### YOUR TASK
Your answer should be one number, the count of lines in the entries holding the word "True".

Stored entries
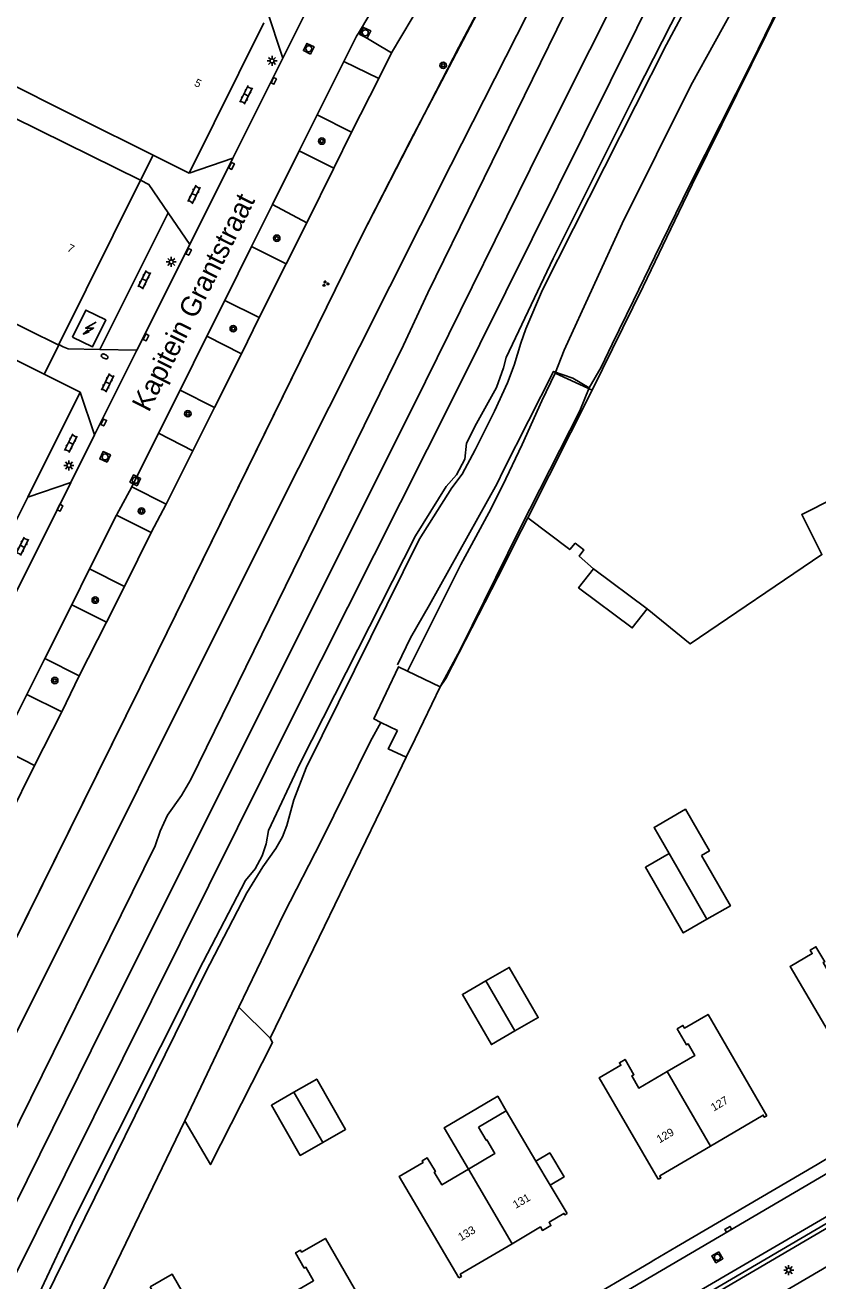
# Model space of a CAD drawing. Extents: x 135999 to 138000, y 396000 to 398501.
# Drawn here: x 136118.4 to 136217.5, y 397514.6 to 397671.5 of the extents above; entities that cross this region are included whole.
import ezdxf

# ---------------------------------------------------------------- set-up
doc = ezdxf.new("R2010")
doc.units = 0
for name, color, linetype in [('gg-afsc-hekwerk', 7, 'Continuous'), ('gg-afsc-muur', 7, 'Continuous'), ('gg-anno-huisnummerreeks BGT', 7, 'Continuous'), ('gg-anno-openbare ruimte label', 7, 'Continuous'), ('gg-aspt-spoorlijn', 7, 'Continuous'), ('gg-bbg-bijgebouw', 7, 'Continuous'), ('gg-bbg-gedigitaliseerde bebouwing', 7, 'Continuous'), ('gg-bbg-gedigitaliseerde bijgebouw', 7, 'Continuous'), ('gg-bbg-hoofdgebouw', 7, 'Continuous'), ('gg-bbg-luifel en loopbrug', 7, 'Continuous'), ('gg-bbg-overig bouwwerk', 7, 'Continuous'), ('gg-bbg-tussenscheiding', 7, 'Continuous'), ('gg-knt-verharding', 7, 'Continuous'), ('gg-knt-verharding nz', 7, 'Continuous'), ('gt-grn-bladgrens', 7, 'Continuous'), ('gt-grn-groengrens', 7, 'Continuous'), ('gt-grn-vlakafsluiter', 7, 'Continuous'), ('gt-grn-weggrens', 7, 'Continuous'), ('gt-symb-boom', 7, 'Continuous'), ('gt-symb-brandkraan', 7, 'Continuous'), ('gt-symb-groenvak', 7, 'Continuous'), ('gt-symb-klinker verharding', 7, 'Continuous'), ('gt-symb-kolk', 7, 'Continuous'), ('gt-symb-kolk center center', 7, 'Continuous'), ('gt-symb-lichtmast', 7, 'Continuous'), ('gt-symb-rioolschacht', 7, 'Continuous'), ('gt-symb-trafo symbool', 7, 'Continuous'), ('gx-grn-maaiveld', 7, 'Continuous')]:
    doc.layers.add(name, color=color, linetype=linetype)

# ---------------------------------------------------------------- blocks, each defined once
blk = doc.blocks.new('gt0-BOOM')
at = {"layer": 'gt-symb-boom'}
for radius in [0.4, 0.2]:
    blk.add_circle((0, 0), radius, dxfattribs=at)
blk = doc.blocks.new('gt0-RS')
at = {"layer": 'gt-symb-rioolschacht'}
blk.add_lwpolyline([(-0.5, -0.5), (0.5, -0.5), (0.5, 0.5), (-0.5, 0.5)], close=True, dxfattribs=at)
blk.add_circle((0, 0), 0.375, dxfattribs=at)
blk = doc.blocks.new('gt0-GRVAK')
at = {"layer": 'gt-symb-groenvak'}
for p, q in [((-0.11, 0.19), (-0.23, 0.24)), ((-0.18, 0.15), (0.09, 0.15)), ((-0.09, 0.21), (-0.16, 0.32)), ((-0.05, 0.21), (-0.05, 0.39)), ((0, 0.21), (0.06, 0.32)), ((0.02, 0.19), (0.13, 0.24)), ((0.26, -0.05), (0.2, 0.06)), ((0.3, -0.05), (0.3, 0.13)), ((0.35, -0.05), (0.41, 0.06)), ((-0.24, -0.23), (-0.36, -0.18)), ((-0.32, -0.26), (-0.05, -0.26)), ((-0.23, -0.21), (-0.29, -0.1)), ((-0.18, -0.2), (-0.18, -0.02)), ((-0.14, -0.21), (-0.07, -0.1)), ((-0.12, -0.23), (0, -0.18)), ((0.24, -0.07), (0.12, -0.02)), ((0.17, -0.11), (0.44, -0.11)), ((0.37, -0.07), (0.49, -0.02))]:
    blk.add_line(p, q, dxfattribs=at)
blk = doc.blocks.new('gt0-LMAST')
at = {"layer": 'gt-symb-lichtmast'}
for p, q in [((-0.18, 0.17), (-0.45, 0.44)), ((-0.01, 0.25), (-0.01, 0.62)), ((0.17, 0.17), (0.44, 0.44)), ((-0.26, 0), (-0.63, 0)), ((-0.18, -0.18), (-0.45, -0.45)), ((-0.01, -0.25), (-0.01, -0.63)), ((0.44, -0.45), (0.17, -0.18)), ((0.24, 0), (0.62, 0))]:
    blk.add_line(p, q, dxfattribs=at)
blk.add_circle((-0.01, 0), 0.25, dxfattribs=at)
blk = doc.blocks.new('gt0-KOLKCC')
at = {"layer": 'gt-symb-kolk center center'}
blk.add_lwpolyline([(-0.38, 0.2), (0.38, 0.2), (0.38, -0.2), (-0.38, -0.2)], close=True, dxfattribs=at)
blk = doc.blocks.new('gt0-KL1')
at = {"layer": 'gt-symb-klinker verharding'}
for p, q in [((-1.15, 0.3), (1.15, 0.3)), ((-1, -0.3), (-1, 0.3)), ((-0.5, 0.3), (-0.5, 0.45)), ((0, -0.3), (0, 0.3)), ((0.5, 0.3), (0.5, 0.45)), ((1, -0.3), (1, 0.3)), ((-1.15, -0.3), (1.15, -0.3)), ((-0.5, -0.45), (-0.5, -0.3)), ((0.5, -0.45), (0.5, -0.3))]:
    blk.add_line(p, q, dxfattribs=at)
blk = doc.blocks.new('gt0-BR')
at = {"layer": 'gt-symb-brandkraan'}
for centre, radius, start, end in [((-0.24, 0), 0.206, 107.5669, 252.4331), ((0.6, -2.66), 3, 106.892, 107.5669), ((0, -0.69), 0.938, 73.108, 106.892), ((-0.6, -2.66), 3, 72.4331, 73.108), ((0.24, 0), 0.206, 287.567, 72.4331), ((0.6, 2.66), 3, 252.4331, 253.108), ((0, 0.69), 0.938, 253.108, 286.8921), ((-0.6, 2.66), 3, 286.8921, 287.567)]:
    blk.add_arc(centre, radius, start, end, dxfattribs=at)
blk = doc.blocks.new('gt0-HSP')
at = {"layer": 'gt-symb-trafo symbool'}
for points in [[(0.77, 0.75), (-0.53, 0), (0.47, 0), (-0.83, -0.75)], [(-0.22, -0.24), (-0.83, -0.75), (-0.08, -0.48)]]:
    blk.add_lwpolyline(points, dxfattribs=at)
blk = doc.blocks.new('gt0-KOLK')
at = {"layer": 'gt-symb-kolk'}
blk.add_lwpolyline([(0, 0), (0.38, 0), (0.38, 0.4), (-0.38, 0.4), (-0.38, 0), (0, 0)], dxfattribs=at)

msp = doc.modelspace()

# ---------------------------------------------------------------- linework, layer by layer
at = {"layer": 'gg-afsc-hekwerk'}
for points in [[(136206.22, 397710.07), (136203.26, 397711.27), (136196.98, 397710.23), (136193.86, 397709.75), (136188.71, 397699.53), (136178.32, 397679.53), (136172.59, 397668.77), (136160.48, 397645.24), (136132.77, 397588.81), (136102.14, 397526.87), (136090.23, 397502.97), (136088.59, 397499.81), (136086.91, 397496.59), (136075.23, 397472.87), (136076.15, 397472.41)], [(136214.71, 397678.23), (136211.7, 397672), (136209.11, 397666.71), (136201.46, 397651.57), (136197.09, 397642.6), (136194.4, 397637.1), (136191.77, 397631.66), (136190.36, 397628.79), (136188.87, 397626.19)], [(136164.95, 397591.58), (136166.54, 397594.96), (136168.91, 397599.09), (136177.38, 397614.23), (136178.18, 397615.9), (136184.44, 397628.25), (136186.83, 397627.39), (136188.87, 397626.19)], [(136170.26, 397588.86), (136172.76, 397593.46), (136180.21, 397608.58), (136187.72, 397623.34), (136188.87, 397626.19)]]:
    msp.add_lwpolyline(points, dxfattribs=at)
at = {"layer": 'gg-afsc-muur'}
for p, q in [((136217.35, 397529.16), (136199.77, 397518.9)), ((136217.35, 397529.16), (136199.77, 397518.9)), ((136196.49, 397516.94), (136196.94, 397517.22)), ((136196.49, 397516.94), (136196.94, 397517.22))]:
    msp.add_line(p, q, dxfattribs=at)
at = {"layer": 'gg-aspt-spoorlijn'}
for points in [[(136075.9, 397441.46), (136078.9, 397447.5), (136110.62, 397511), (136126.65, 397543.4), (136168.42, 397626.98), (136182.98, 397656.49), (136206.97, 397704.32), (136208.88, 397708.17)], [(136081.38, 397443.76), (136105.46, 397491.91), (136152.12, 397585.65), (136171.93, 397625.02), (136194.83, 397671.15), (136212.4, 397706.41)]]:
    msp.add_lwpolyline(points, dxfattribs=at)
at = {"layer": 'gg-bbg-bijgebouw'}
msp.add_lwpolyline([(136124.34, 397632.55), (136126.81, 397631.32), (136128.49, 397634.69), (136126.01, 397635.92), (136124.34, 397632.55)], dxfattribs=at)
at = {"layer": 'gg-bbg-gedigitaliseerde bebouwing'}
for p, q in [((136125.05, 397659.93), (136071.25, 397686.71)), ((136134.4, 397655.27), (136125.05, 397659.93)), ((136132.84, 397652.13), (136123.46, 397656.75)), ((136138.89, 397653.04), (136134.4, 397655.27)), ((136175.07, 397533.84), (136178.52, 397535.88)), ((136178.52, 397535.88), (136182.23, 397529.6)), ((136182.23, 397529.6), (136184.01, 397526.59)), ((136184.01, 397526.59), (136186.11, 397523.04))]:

### WRITTEN RESPONSE
2